Haneke and Jelinek seem to share this fatalism to some degree. But both place it within a social context. Haneke's familiar target is institutionalised behaviour. The Viennese music academy provides a fine metaphor for this, with its rigid discipline and brutally hierarchical rituals.

Jelinek adds to this a severe, hard-line, '70s-style feminism. In these days of hopeful reconciliation on all levels, one does not hear the ugly word 'patriarchy' bandied around much anymore. But for Jelinek, patriarchy is the awful truth, the open wound of the Western world. Erika submits to the 'great masters' of music, all of them male composers, just as she submits to the pretty but brutish Walter.

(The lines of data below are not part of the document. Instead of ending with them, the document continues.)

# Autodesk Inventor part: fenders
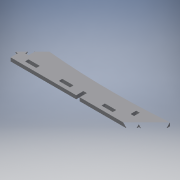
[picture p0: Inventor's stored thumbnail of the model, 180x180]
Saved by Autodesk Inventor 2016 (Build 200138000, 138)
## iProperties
Created: 2017-06
Part Number: fenders
Material: Generic
Document SubType Name: Modeling
Designer: laboratorioesan
Density: 1 g/cm^3
Appearance: Default
Author: laboratorioesan
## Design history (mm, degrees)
sketch "Sketch1"
  geometry: L1 (1057.5, 18.5)-(1117.5, 18.5) reference; L2 (1057.5, 18.5)-(1057.5, 0) reference; L3 (1117.5, 0)-(1057.5, 0) reference; L4 (1117.5, 18.5)-(1117.5, 0) reference; L5 (877.5, 18.5)-(937.5, 18.5) reference; L6 (877.5, 18.5)-(877.5, 0) reference; L7 (937.5, 0)-(877.5, 0) reference; L8 (937.5, 18.5)-(937.5, 0) reference; L9 (649.863, 18.5)-(709.863, 18.5) reference; L10 (649.863, 18.5)-(649.863, 0) reference; L11 (709.863, 0)-(649.863, 0) reference; L12 (709.863, 18.5)-(709.863, 0) reference; L13 (469.863, 18.5)-(529.863, 18.5) reference; L14 (469.863, 18.5)-(469.863, 0) reference; L15 (529.863, 0)-(469.863, 0) reference; L16 (529.863, 18.5)-(529.863, 0) reference; L17 (1117.5, 18.5)-(1550, 18.5) reference; L18 (937.5, 18.5)-(1057.5, 18.5) reference; L19 (709.863, 18.5)-(877.5, 18.5) reference; L20 (529.863, 18.5)-(649.863, 18.5) reference; L21 (0, 18.5)-(469.863, 18.5) reference; L22 (0, 0)-(469.863, 0) reference; L23 (529.863, 0)-(649.863, 0) reference; L24 (709.863, 0)-(877.5, 0) reference; L25 (1137.5, 18.5)-(1137.5, 0) reference; L26 (325.59, -20)-(325.59, 130); L27 (1137.5, 105)-(1137.5, -20); L28 (1012.477, 38.5)-(993.977, 38.5); L29 (993.977, 38.5)-(993.977, 68.5); L30 (993.977, 68.5)-(1012.477, 68.5); L31 (1012.477, 68.5)-(1012.477, 38.5); L32 (451.09, 38.5)-(432.59, 38.5); L33 (432.59, 38.5)-(432.59, 68.5); L34 (432.59, 68.5)-(451.09, 68.5); L35 (451.09, 68.5)-(451.09, 38.5); L36 (394, -17.186)-(394, 18.5) reference; L37 (412.5, -17.186)-(412.5, 18.5) reference; L38 (412.5, -20)-(412.5, 18.5); L39 (412.5, 18.5)-(394, 18.5); L40 (394, 18.5)-(394, -20); L41 (394, -20)-(325.59, -20); L42 (781, 18.5)-(781, -17.186) reference; L43 (762.5, 18.5)-(762.5, -17.186) reference; L44 (781, -20)-(781, 18.5); L45 (781, 18.5)-(762.5, 18.5); L46 (762.5, 18.5)-(762.5, -20); L47 (1137.5, -20)-(781, -20); L48 (762.5, -20)-(412.5, -20); A1 r 3569.02 centre (840.675, 3661.655) between (325.59, 130) and (1137.5, 105)
  constraints: 38 end point, 11 perpendicular, 5 horizontal, 5 parallel, 2 horizontal alignment, 2 point on circle, 1 centre point, 1 collinear, 1 point on line
  dimensions: "d1" = 125 distance of L27.start L27.end; "d2" = 20 horizontal distance of L27.end L3.start; "d3" = 150 distance of L26.end L26.start; "d4" = 18.5 distance of L29.end L30.end; "d5" = 30 distance of L28.end L29.end; "d6" = 20 distance from line of L18 L28.end; "d7" = 18.5 distance of L33.end L34.end; "d8" = 20 distance between parallel lines of L21 L32; "d9" = 107 distance from line of L26 L33.end; "d12" = 30 distance of L32.end L33.end
extrude "Extrusion1" new body sketch "Sketch1" distance "d10" = 18.5; taper "d11" = 0 deg
sketch "Sketch2"
  geometry: L1 (529.863, 0)-(469.863, 0) reference; L2 (469.863, 0)-(469.863, 18.5) reference; L3 (469.863, 18.5)-(529.863, 18.5) reference; L4 (529.863, 18.5)-(529.863, 0) reference; L5 (762.5, 18.5)-(781, 18.5) reference; L6 (781, 18.5)-(781, -20) reference; L7 (781, -20)-(1137.5, -20) reference; L8 (1137.5, -20)-(1137.5, 105) reference; L9 (325.59, 130)-(325.59, -20) reference; L10 (325.59, -20)-(394, -20) reference; L11 (394, -20)-(394, 18.5) reference; L12 (394, 18.5)-(412.5, 18.5) reference; L13 (412.5, 18.5)-(412.5, -20) reference; L14 (412.5, -20)-(762.5, -20) reference; L15 (762.5, -20)-(762.5, 18.5) reference; L16 (937.5, 18.5)-(937.5, 0) reference; L17 (937.5, 0)-(877.5, 0) reference; L18 (877.5, 0)-(877.5, 18.5) reference; L19 (877.5, 18.5)-(937.5, 18.5) reference; L20 (1057.5, 18.5)-(1117.5, 18.5) reference; L21 (1117.5, 18.5)-(1117.5, 0) reference; L22 (1117.5, 0)-(1057.5, 0) reference; L23 (1057.5, 0)-(1057.5, 18.5) reference; L24 (432.59, 38.5)-(432.59, 68.5) reference; L25 (432.59, 68.5)-(451.09, 68.5) reference; L26 (451.09, 68.5)-(451.09, 38.5) reference; L27 (451.09, 38.5)-(432.59, 38.5) reference; L28 (993.977, 38.5)-(993.977, 68.5) reference; L29 (993.977, 68.5)-(1012.477, 68.5) reference; L30 (1012.477, 68.5)-(1012.477, 38.5) reference; L31 (1012.477, 38.5)-(993.977, 38.5) reference; L32 (649.863, 0)-(649.863, 18.5) reference; L33 (649.863, 18.5)-(709.863, 18.5) reference; L34 (709.863, 18.5)-(709.863, 0) reference; L35 (709.863, 0)-(649.863, 0) reference; L36 (394, 18.5)-(412.5, 18.5) reference; L37 (394, 18.5)-(394, 120.697); A1 r 3569.02 centre (840.675, 3661.655) between (325.59, 130) and (1137.5, 105) reference; 1 further point
  constraints: 2 end point, 1 point on circle, 1 vertical
extrude "Extrusion2" cut sketch "Sketch2" distance "d13" = 18.5; taper "d14" = 0 deg
body "Solid1"
node "Reference1"
node "Reference2"
node "Reference3"
node "Reference4"
node "Reference5"
node "Reference6"
node "Reference7"
node "Reference8"
node "Reference9"
node "Reference10"
node "Reference11"
node "Reference12"
node "Reference13"
node "Reference14"
node "Reference15"
node "Reference16"
node "Reference17"
node "Projected Loop1"

The author has made clear that, for her, Erika is a sexual maverick, a misfit within patriarchy. She claims for herself erotic behaviour considered masculine, from gazing at hardcore porn to laying down the law about how she wishes to be pleasured. But, at every turn, she encounters social structures and conformist individuals who shun or revile her, with disastrous consequences. (A scene in which Erika indulges her voyeuristic bent at a drive-in is a small masterpiece both of suspense and black comedy.)

But this is a complex film that does not stop at a simple, ringing denunciation of male society. The neuroses that rack Erika go far beyond the frustration of her heroic libido. As one commentator remarks, Jelinek is an "equal opportunity hater". Matriarchy, embodied by Erika's fearsome, unnamed mother (Annie Giradot), is portrayed as every bit as abusive and twisted as patriarchy. And Erika herself is no slouch at dishing out violence (both physical and emotional) to her poor students.

The complexities and paradoxes of The Piano Teacher are contained in the classical music (especially Schubert and Bach) it so generously uses. Allusions to the critical writings of Theodor Adorno pepper the film. Haneke and Jelinek worry over the same issues that Adorno did. Can the sheer, soulful beauty of music remain untainted by the vicious power structures that contain and channel it to social ends? Can great art, despite everything, offer hope, a glimpse of a more humane future?

It would have been too facile to juxtapose beautiful music and horrible world. Jelinek gives this opposition a further twist in the psychosexual significance she accords to Schubert's music. Its majesty, she maintains in a 1998 essay, is in the "abasement" it forces upon the listener who, under the "time-whip of sound" is "estranged forever from himself or herself". If that sounds uncannily like a description of Erika's sexuality, this is surely not accidental. The Piano Teacher invites us to step, at least in our imaginations, into the murky zone between civilisation and perversion.